L’on se demande à quoi sert le ministère du Tourisme qui de surcroît se targue d’organiser le salon international. Les responsables se sont toujours vantés de gérer un pays qui possède 1.200 km de côtes et un désert sublime. Mais ils sont incapables de contrôler les rares infrastructures hôtelières existantes dont les normes ne répondent à rien, excepté à la grande saleté qui s’y impose. Les chambres de l’hôtel qui se trouve à Khenchela étaient dans un état lamentable, pas d’eau chaude, ou pas d’eau tout court, et là où il y en avait, ça fuyait de partout. Le dîner était infect.
«AVEZ-VOUS UN CARNET DE FAMILLE ?»
Un journaliste a vomi ses tripes. Enfin, un établissement qui doit être fermé immédiatement tout autant que beaucoup d’autres qui sont dans le même état si le gouvernement faisait convenablement son travail et l’Etat avait cette impérative rigueur qui oblige au respect des usagers et des citoyens. Il faut croire que la région n’a pas de traditions touristiques.

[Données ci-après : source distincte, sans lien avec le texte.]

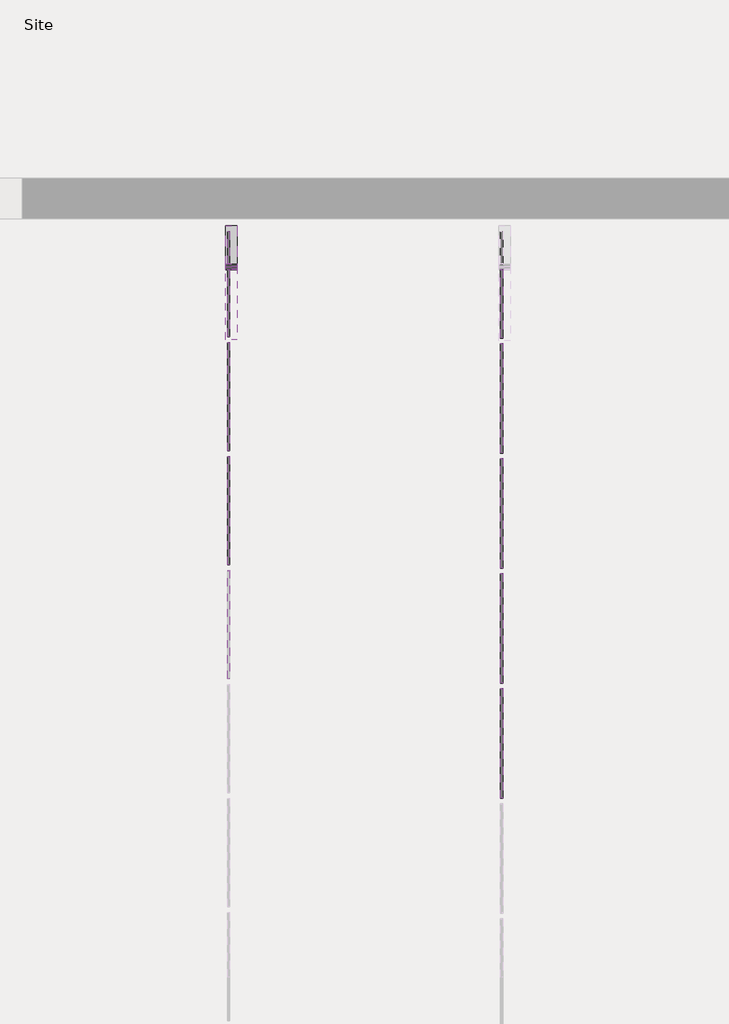
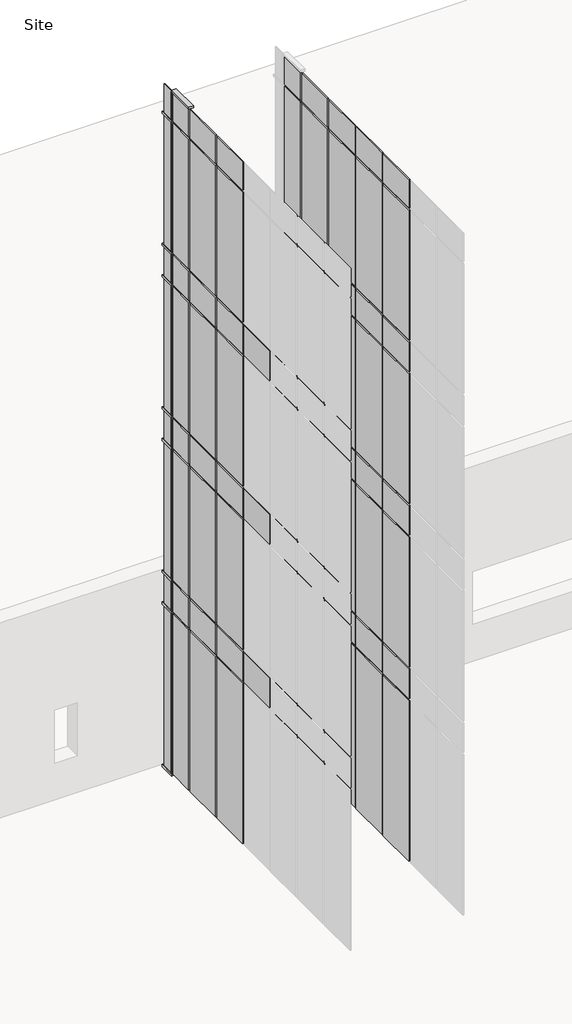
# One storey, part 3 of 4: 80 plates, 17 members.
"""IFC4 building model written with IfcOpenShell, lengths in millimetres."""

import ifcopenshell
import ifcopenshell.guid

model = None  # the IFC model being written
_history = None  # IfcOwnerHistory: only IFC2X3 demands one
_inside = {}  # id of a spatial element -> (the spatial element, [elements in it])
_under = {}  # id of a project, library or spatial element -> (it, [spatial elements below it])
_declared = {}  # id of a project -> (the project, [libraries it declares])
_typed = {}  # id of a type object -> (the type object, [elements of that type])
_made_of = {}  # id of a material, layer set ... -> (it, [elements and type objects made of it])


def new_model(schema):
    """Start an empty IFC model of exactly this schema.

    Asked for "IFC4X3", IfcOpenShell would pick the latest addendum, in which some entities
    have other attributes; the version numbers below select the first issue.
    IFC2X3 requires an IfcOwnerHistory on every rooted entity: one is made here for all.
    """
    global model, _history
    if schema == "IFC4X3":
        model = ifcopenshell.file(schema_version=(4, 3, 0, 0))
    else:
        model = ifcopenshell.file(schema=schema)
    _inside.clear()
    _under.clear()
    _declared.clear()
    _typed.clear()
    _made_of.clear()
    _history = None
    if model.schema == "IFC2X3":
        org = make("IfcOrganization", Name="unknown")
        user = make(
            "IfcPersonAndOrganization",
            ThePerson=make("IfcPerson", FamilyName="unknown"),
            TheOrganization=org,
        )
        app = make(
            "IfcApplication",
            ApplicationDeveloper=org,
            Version="unknown",
            ApplicationFullName="unknown",
            ApplicationIdentifier="unknown",
        )
        _history = make(
            "IfcOwnerHistory",
            OwningUser=user,
            OwningApplication=app,
            ChangeAction="ADDED",
            CreationDate=0,
        )
    return model


def make(cls, **values):
    """One entity of the class cls with the attributes given. An attribute that is None is left unset."""
    return model.create_entity(
        cls, **{name: value for name, value in values.items() if value is not None}
    )


def rooted(cls, **values):
    """An entity with a GlobalId (a new one), such as an element, a storey or a relation."""
    return make(cls, GlobalId=ifcopenshell.guid.new(), OwnerHistory=_history, **values)


def si_unit(unit_type, name, prefix=None):
    """IfcSIUnit, for example si_unit("LENGTHUNIT", "METRE", prefix="MILLI")."""
    return make("IfcSIUnit", UnitType=unit_type, Prefix=prefix, Name=name)


def assignment(units):
    """IfcUnitAssignment: the units of a project."""
    return None if units is None else make("IfcUnitAssignment", Units=units)


def point(xyz):
    """IfcCartesianPoint."""
    return None if xyz is None else make("IfcCartesianPoint", Coordinates=xyz)


def direction(xyz):
    """IfcDirection."""
    return None if xyz is None else make("IfcDirection", DirectionRatios=xyz)


def frame(location, z_axis=None, x_axis=None):
    """IfcAxis2Placement3D, a coordinate frame: its origin and axes. An axis left out is left unset."""
    return make(
        "IfcAxis2Placement3D",
        Location=point(location),
        Axis=direction(z_axis),
        RefDirection=direction(x_axis),
    )


def origin():
    """The frame at (0, 0, 0) with its axes left unset."""
    return frame((0.0, 0.0, 0.0))


def origin_with_axes():
    """The frame at (0, 0, 0) with the z axis (0, 0, 1) and the x axis (1, 0, 0) written out."""
    return frame((0.0, 0.0, 0.0), z_axis=(0.0, 0.0, 1.0), x_axis=(1.0, 0.0, 0.0))


def place(relative_to, where):
    """IfcLocalPlacement: puts the frame where relative to a parent placement (None: the world)."""
    return make(
        "IfcLocalPlacement", PlacementRelTo=relative_to, RelativePlacement=where
    )


def context(
    kind, dimensions, precision=None, world=None, true_north=None, identifier=None
):
    """IfcGeometricRepresentationContext, for example the 3D "Model" context."""
    return make(
        "IfcGeometricRepresentationContext",
        ContextIdentifier=identifier,
        ContextType=kind,
        CoordinateSpaceDimension=dimensions,
        Precision=precision,
        WorldCoordinateSystem=world,
        TrueNorth=true_north,
    )


def project(units=None, contexts=None):
    """IfcProject with its units and contexts."""
    return rooted(
        "IfcProject",
        Name="project",
        RepresentationContexts=contexts,
        UnitsInContext=assignment(units),
    )


def spatial(cls, under=None, at=None, **own):
    """A site, building, storey or space (cls), placed at a placement, below another one or the project."""
    s = rooted(cls, ObjectPlacement=at, **own)
    if under is not None:
        _under.setdefault(under.id(), (under, []))[1].append(s)
    return s


def polyline(points):
    """IfcPolyline through the points."""
    return make("IfcPolyline", Points=[point(p) for p in points])


def outline(outer, holes=None, kind="AREA"):
    """IfcArbitraryClosedProfileDef: a profile drawn as a closed curve; with holes, ...WithVoids."""
    if holes is None:
        return make("IfcArbitraryClosedProfileDef", ProfileType=kind, OuterCurve=outer)
    return make(
        "IfcArbitraryProfileDefWithVoids",
        ProfileType=kind,
        OuterCurve=outer,
        InnerCurves=holes,
    )


def extrude(swept, where, along, depth):
    """IfcExtrudedAreaSolid: the profile swept, set in the frame where, extruded along a direction by depth."""
    return make(
        "IfcExtrudedAreaSolid",
        SweptArea=swept,
        Position=where,
        ExtrudedDirection=direction(along),
        Depth=depth,
    )


def shape(context_of_items, identifier, shape_type, items):
    """IfcShapeRepresentation: the items that make up one representation, for example the "Body"."""
    return make(
        "IfcShapeRepresentation",
        ContextOfItems=context_of_items,
        RepresentationIdentifier=identifier,
        RepresentationType=shape_type,
        Items=items,
    )


def source(mapping_origin, context_of_items, identifier, shape_type, items):
    """IfcRepresentationMap: a shape defined once, which mapped items show again and again."""
    return make(
        "IfcRepresentationMap",
        MappingOrigin=mapping_origin,
        MappedRepresentation=shape(context_of_items, identifier, shape_type, items),
    )


def transform(
    local_origin,
    x_axis=None,
    y_axis=None,
    z_axis=None,
    scale=None,
    scale2=None,
    scale3=None,
    uniform=True,
):
    """IfcCartesianTransformationOperator3D, or its non-uniform kind. x_axis, y_axis, z_axis: its Axis1, 2, 3."""
    if uniform:
        return make(
            "IfcCartesianTransformationOperator3D",
            Axis1=direction(x_axis),
            Axis2=direction(y_axis),
            LocalOrigin=point(local_origin),
            Scale=scale,
            Axis3=direction(z_axis),
        )
    return make(
        "IfcCartesianTransformationOperator3DnonUniform",
        Axis1=direction(x_axis),
        Axis2=direction(y_axis),
        LocalOrigin=point(local_origin),
        Scale=scale,
        Axis3=direction(z_axis),
        Scale2=scale2,
        Scale3=scale3,
    )


def mapped(mapping_source, mapping_target):
    """IfcMappedItem: shows the shape of a source again, moved by a transform."""
    return make(
        "IfcMappedItem", MappingSource=mapping_source, MappingTarget=mapping_target
    )


def made_of(thing, what):
    """Note that an element or type object is made of a material, layer set ...; save() writes the relation."""
    if what is not None:
        _made_of.setdefault(what.id(), (what, []))[1].append(thing)
    return thing


def element(
    cls,
    number,
    at=None,
    inside=None,
    cuts=None,
    type_object=None,
    material=None,
    context=None,
    identifier="Body",
    shape_type=None,
    held_by="IfcProductDefinitionShape",
    body=None,
    shapes=None,
    **own,
):
    """One element of the class cls, such as IfcWall. Its Tag is "e" and its number.

    at: its placement. inside: the storey or other place that contains it. cuts: it is an
    opening in that element (IfcRelVoidsElement). A single representation is given by context,
    identifier, shape_type and body (its items); several are given by shapes. held_by: the class
    of the entity that holds the representations. save() writes the other relations.
    """
    e = rooted(cls, Tag="e%d" % number, ObjectPlacement=at, **own)
    if body is not None:
        shapes = [shape(context, identifier, shape_type, body)]
    if shapes is not None:
        e.Representation = make(held_by, Representations=shapes)
    if inside is not None:
        _inside.setdefault(inside.id(), (inside, []))[1].append(e)
    if cuts is not None:
        rooted(
            "IfcRelVoidsElement", RelatingBuildingElement=cuts, RelatedOpeningElement=e
        )
    if type_object is not None:
        _typed.setdefault(type_object.id(), (type_object, []))[1].append(e)
    return made_of(e, material)


def aggregate(whole, parts):
    """IfcRelAggregates: a whole, such as a stair, and the parts it consists of."""
    return rooted("IfcRelAggregates", RelatingObject=whole, RelatedObjects=parts)


def save(model, path):
    """Write the relations noted so far, then the file.

    IfcRelAggregates (storeys below a building ...), IfcRelContainedInSpatialStructure (elements
    in a storey), IfcRelDefinesByType, IfcRelAssociatesMaterial and IfcRelDeclares: one each for
    every whole, place, type object, material and project.
    """
    for whole, parts in _under.values():
        aggregate(whole, parts)
    for where, things in _inside.values():
        rooted(
            "IfcRelContainedInSpatialStructure",
            RelatedElements=things,
            RelatingStructure=where,
        )
    for kind, things in _typed.values():
        rooted("IfcRelDefinesByType", RelatedObjects=things, RelatingType=kind)
    for what, things in _made_of.values():
        rooted("IfcRelAssociatesMaterial", RelatedObjects=things, RelatingMaterial=what)
    for by, libraries in _declared.values():
        rooted("IfcRelDeclares", RelatingContext=by, RelatedDefinitions=libraries)
    model.write(path)


def member_5d07894b(model_context):
    return source(origin(), model_context, "Body", "SweptSolid", [
        extrude(outline(polyline([(31.75, 63.5), (31.75, -63.5), (-31.75, -63.5), (-31.75, 63.5), (31.75, 63.5)])), frame((0.0, 0.0, -4629.15), z_axis=(0.0, 0.0, 1.0), x_axis=(1.0, 0.0, 0.0)), (0.0, 0.0, 1.0), 4629.15),
    ])


def member_3ba9e939(model_context):
    return source(origin(), model_context, "Body", "SweptSolid", [
        extrude(outline(polyline([(31.75, 63.5), (31.75, -63.5), (-31.75, -63.5), (-31.75, 63.5), (31.75, 63.5)])), frame((0.0, 0.0, -3746.5), z_axis=(0.0, 0.0, 1.0), x_axis=(1.0, 0.0, 0.0)), (0.0, 0.0, 1.0), 3746.5),
    ])


def member_ad567e07(model_context):
    return source(origin(), model_context, "Body", "SweptSolid", [
        extrude(outline(polyline([(31.75, 63.5), (31.75, -63.5), (-31.75, -63.5), (-31.75, 63.5), (31.75, 63.5)])), frame((0.0, 0.0, -819.15), z_axis=(0.0, 0.0, 1.0), x_axis=(1.0, 0.0, 0.0)), (0.0, 0.0, 1.0), 819.15),
    ])


def member_7db1855a(model_context):
    return source(origin(), model_context, "Body", "SweptSolid", [
        extrude(outline(polyline([(31.75, 63.5), (31.75, -63.5), (-31.75, -63.5), (-31.75, 63.5), (31.75, 63.5)])), frame((0.0, 0.0, -850.9), z_axis=(0.0, 0.0, 1.0), x_axis=(1.0, 0.0, 0.0)), (0.0, 0.0, 1.0), 850.9),
    ])


def member_7227ddca(model_context):
    return source(origin(), model_context, "Body", "SweptSolid", [
        extrude(outline(polyline([(0.0, 63.5), (0.0, -63.5), (-63.5, -63.5), (-63.5, 63.5), (0.0, 63.5)])), frame((0.0, 0.0, -813.7989637), z_axis=(0.0, 0.0, 1.0), x_axis=(1.0, 0.0, 0.0)), (0.0, 0.0, 1.0), 813.7989637),
    ])


def member_ffd4c858(model_context):
    return source(origin(), model_context, "Body", "SweptSolid", [
        extrude(outline(polyline([(31.75, 63.5), (31.75, -63.5), (-31.75, -63.5), (-31.75, 63.5), (31.75, 63.5)])), frame((0.0, 0.0, -457.2), z_axis=(0.0, 0.0, 1.0), x_axis=(1.0, 0.0, 0.0)), (0.0, 0.0, 1.0), 457.2),
    ])


def member_15823cb3(model_context):
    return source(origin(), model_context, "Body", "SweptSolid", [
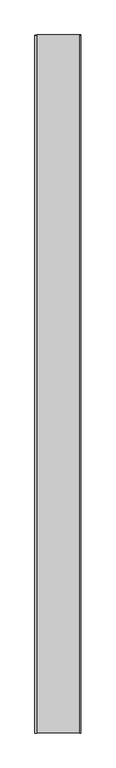
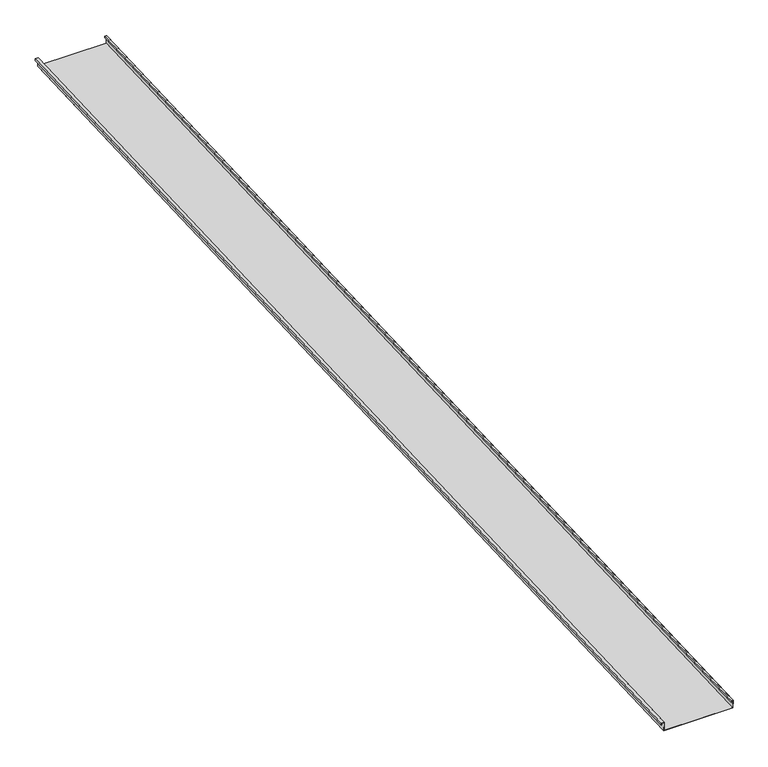
"""IFC4 building model written with IfcOpenShell, lengths in millimetres: proxy geometry, Generic Models 2:Generic Models 2:310765:Generic Models 2:310765 : Generic Models 2:Generic Models 2:310765:132 : Generic Models 2:Generic Models 2:310765:Generic Models 2:310765 : Generic Models 2:Generic Models 2:310765:300385."""

from ifc_helpers import new_model, si_unit, frame, origin, place, context, project, spatial, polyline, outline, extrude, source, transform, mapped, element, save


def generic_models_3ef2793e(model_context):
    return source(origin(), model_context, "Body", "SweptSolid", [
        extrude(outline(polyline([(1.5875, 0.0), (1.5875, 50.8), (407.9875, 50.8), (407.9875, 1.5875), (396.875, 1.5875), (396.875, 11.1125), (398.4625, 11.1125), (398.4625, 3.175), (406.4, 3.175), (406.4, 49.2125), (3.175, 49.2125), (3.175, -1.5874999), (-14.2875, -1.5874999), (-14.2875, 9.525), (-12.7, 9.525), (-12.7, 0.0), (1.5875, 0.0)])), frame((659715.9096405, -581354.4345603, 3902.6697972), z_axis=(0.0, 0.9991330730923568, 0.041630544712067834), x_axis=(1.0, 0.0, 0.0)), (0.0, 0.0, 1.0), 6400.8),
    ])


if __name__ == "__main__":
    model = new_model("IFC4")
    model_context = context("Model", 3, world=origin())
    ifc_project = project(units=[si_unit("LENGTHUNIT", "METRE", prefix="MILLI")], contexts=[model_context])
    site = spatial("IfcSite", under=ifc_project)
    building = spatial("IfcBuilding", under=site)
    placement = place(None, origin())
    generic_models_shape = generic_models_3ef2793e(model_context)
    element("IfcBuildingElementProxy", 1, Name="Generic Models 2:Generic Models 2:310765:Generic Models 2:310765 : Generic Models 2:Generic Models 2:310765:132 : Generic Models 2:Generic Models 2:310765:Generic Models 2:310765 : Generic Models 2:Generic Models 2:310765:300385", ObjectType="Generic Models 2:Generic Models 2:310765:Generic Models 2:310765 : Generic Models 2:Generic Models 2:310765:132 : Generic Models 2:Generic Models 2:310765:Generic Models 2:310765 : Generic Models 2:Generic Models 2:310765:300385", at=placement, inside=building, context=model_context, shape_type="MappedRepresentation", body=[
        mapped(generic_models_shape, transform((0.0, 0.0, 0.0), x_axis=(1.0, 0.0, 0.0), y_axis=(0.0, 1.0, 0.0), z_axis=(0.0, 0.0, 1.0))),
    ])
    save(model, "model.ifc")

# Revit data of these elements
# Type "Generic Models 2:Generic Models 2:310765:Generic Models 2:310765 : Generic Models 2:Generic Models 2:310765:132 : Generic Models 2:Generic Models 2:310765:Generic Models 2:310765 : Generic Models 2:Generic Models 2:310765:300385"
#   NameOverride = "Generic Models 2:Generic Models 2:310765:Generic Models 2:310765 : Generic Models 2:Generic Models 2:310765:300385"
#   ObjectTypeOverride = "Generic Models 2:310765 : Generic Models 2:Generic Models 2:310765"
#   Reference = "Generic Models 2"
#   Tag = "300385"
# Element 1 (IfcBuildingElementProxy, "Generic Models 2:Generic Models 2:310765:Generic Models 2:310765 : Generic Models 2:Generic Models 2:310765:132 : Generic Models 2:Generic Models 2:310765:Generic Models 2:310765 : Generic Models 2:Generic Models 2:310765:300385")
#   Materials on its faces: "THERMAL BROKEN ALUMINUM STOREFRONT FOR POLYCARBONATE"
# Materials
#   "THERMAL BROKEN ALUMINUM STOREFRONT FOR POLYCARBONATE": class "Unassigned", colour RGB 244 244 244, transparency 0, Keynote = "M07611300.01", Cost = 0

Et comme le ridicule ne tue pas, au lieu de s’inquiéter de l’état pitoyable de l’hôtel, ses gestionnaires ont demandé à un couple de journalistes s’ils avaient le carnet de famille… Les journalistes devaient même remplir la fiche de police alors qu’ils figuraient sur les listes de la DSP (Direction de la sécurité de la présidence) dont les éléments accompagnent le 1er ministre dans toutes ses sorties.
C’est le 1er ministre en personne qui est venu s’excuser auprès des journalistes qui voulaient boycotter la visite. Il a promis tout autant que le ministre de l’Intérieur que «ça ne se répètera plus».
Il serait judicieux d’obliger le ministère du Tourisme à obliger les hôtels à procéder au nettoiement de leurs édifices, à défaut de risquer la fermeture.
Il faut avouer que ces sont des régions où le portrait du président de la République tapisse les murs de toutes les grandes artères. Comme pour rappeler les populations au bon souvenir des trois campagnes électorales passées et les préparer pour la 4e à venir. Un agriculteur privé qui devait recevoir la visite des officiels a demandé à un de ses agents de faire vite de ramener le portrait du président pour le placarder sur la façade de l’entrée. C’est dire que les citoyens jouent le jeu à chaque fois qu’il s’agit de se mettre «avec celui qui est debout». Khenchela et Oum El-Bouaghi, ce sont d’ailleurs les deux wilayas qui ont demandé publiquement, au cours des rencontres de Sellal avec la société civile, à Bouteflika de se présenter pour un 4e mandat.